I would never lie to them, but what would happen if I showed up to basic with this tattoo. Would they know it is not a recorded tattoo on my file, or would they even care about it?

Keep in mind. It is a sun with an Egyptian Anhk (no colours) inside of it. It is completely appropriate and would have no problems passing inspection. 

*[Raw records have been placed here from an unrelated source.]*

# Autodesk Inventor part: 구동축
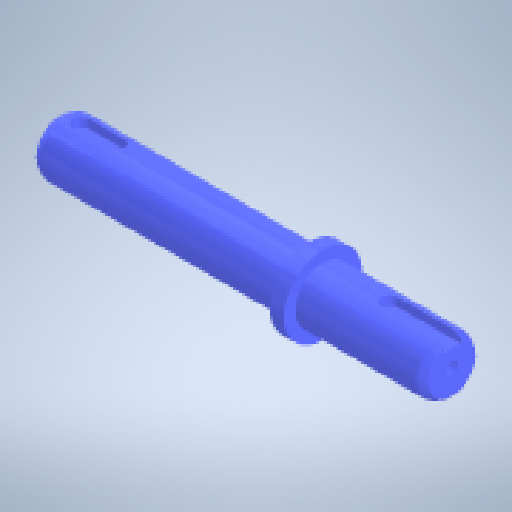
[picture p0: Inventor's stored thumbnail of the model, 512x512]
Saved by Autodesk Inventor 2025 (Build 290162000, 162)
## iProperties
Created: 2026-01
Part Number: 구동축
Material: 강철, 탄소
Document SubType Name: Modeling
Designer: KDI
Density: 7.85 g/cm^3
Appearance: 기본값
Author: jhkim
Sending System: Autodesk Inventor 2026
Preprocessor: ST-DEVELOPER v20.1
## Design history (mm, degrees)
feature "솔리드1"
node "솔리드2"

Any advice would be appreciated. Thank you.


----------



## Sizzle709 (29 Mar 2011)

My Recruiter notified me as long as it isnt above the collarbone line,  and not offensive or slanderess then that it would be okay. Let them know if it is really on your mind and bothering you but I would not worry about it.


----------



## George89 (29 Mar 2011)

Is the CF tattoo policy different for MPs?


----------



## TN2IC (29 Mar 2011)

George89 said:
			
		

> Is the CF tattoo policy different for MPs?


No, it applies to all CF members. Regardless of what trade.


TN2IC


----------



## IsraelC (30 Mar 2011)

There probably would have been more prudent places to put it rather than on your forearm..


----------



## CombatDoc (30 Mar 2011)

It doesn't sound like your tattoo is a problem and probably doesn't merit mention.  Since you didn't get a tattoo like some recruits and put the CF "snowflake" on your forearm, which is an indelible mark of a newbie, you should be fine.  Good luck with the rest of your application process.


----------



## ArmyRick (30 Mar 2011)

Or even worse. We had a PAT soldier, who upon arrival at Meaford and prior to starting his DP1 course, got "VRI" and "Pro Patria" tattoos on his forearms.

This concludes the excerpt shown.